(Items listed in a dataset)
++++++++

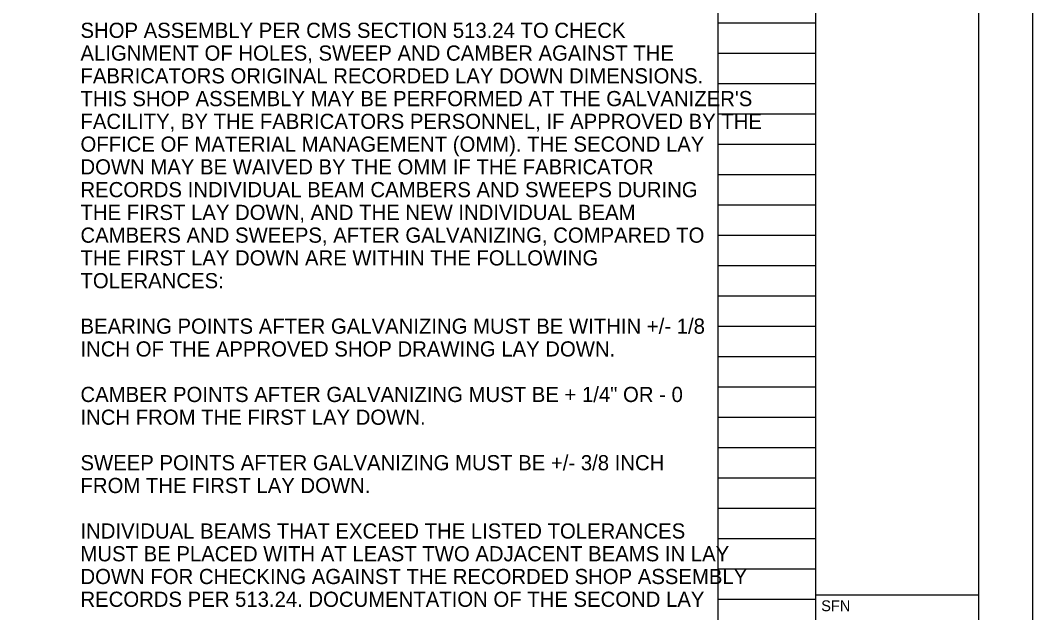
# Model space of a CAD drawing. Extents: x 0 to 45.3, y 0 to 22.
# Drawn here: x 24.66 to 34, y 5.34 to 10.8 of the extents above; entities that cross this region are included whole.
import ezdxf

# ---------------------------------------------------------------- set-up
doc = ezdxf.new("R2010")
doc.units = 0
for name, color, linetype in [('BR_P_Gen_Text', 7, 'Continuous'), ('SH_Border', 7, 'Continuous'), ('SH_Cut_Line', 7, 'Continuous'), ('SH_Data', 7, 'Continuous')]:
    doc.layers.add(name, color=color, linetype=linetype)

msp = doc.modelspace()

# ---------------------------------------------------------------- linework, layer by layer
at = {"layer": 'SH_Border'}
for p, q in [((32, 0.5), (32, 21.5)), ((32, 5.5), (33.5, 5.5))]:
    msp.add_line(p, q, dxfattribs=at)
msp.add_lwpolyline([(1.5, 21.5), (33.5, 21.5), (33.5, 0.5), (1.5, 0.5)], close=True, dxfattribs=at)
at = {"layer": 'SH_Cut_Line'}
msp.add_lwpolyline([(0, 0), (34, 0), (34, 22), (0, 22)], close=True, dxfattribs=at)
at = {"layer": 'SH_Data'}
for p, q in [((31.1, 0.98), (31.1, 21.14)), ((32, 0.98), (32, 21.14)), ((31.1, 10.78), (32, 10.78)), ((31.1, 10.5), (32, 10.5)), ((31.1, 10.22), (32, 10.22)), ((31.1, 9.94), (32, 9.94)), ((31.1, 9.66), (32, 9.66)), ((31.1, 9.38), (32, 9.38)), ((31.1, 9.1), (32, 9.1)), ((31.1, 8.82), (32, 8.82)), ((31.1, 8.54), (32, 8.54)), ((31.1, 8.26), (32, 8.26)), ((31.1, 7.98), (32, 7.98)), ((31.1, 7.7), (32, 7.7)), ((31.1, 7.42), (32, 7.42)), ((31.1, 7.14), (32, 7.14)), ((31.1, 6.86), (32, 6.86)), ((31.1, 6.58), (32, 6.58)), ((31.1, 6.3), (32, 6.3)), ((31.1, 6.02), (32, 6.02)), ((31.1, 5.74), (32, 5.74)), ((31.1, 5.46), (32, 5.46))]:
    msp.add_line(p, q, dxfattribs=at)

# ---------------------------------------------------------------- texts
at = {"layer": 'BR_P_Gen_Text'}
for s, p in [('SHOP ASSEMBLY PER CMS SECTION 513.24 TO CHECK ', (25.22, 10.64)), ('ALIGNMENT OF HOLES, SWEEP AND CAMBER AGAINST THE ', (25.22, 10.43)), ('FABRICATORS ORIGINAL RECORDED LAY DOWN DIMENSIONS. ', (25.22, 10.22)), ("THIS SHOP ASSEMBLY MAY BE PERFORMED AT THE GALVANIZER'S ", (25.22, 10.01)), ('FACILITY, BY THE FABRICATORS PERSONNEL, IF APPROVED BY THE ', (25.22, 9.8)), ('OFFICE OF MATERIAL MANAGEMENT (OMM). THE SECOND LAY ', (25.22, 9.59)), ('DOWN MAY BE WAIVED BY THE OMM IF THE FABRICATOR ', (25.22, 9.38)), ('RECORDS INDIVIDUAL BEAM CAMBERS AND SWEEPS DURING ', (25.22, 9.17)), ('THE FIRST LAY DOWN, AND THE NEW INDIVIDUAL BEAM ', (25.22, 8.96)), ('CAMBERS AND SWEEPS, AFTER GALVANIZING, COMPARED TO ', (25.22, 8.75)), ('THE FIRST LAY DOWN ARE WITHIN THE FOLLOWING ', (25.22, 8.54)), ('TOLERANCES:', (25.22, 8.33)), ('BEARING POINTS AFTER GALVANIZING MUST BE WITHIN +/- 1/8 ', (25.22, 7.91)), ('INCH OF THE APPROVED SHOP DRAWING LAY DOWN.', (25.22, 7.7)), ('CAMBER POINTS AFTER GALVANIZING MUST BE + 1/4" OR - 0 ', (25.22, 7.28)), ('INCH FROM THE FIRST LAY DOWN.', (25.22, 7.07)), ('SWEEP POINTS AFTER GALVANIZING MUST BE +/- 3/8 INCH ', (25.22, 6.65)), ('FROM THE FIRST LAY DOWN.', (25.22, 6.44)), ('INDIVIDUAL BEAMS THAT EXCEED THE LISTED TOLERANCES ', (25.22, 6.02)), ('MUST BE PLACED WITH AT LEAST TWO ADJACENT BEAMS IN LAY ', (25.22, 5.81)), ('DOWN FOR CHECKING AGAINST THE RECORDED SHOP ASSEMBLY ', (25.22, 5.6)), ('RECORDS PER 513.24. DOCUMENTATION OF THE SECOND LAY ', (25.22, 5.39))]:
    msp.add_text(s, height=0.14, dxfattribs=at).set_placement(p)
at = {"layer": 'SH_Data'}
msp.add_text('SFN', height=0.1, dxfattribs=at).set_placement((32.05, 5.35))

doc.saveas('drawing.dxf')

++++++++

Try it: The number alone, please: how many lines in the data contain the string "color"?

Result of the exercise: 2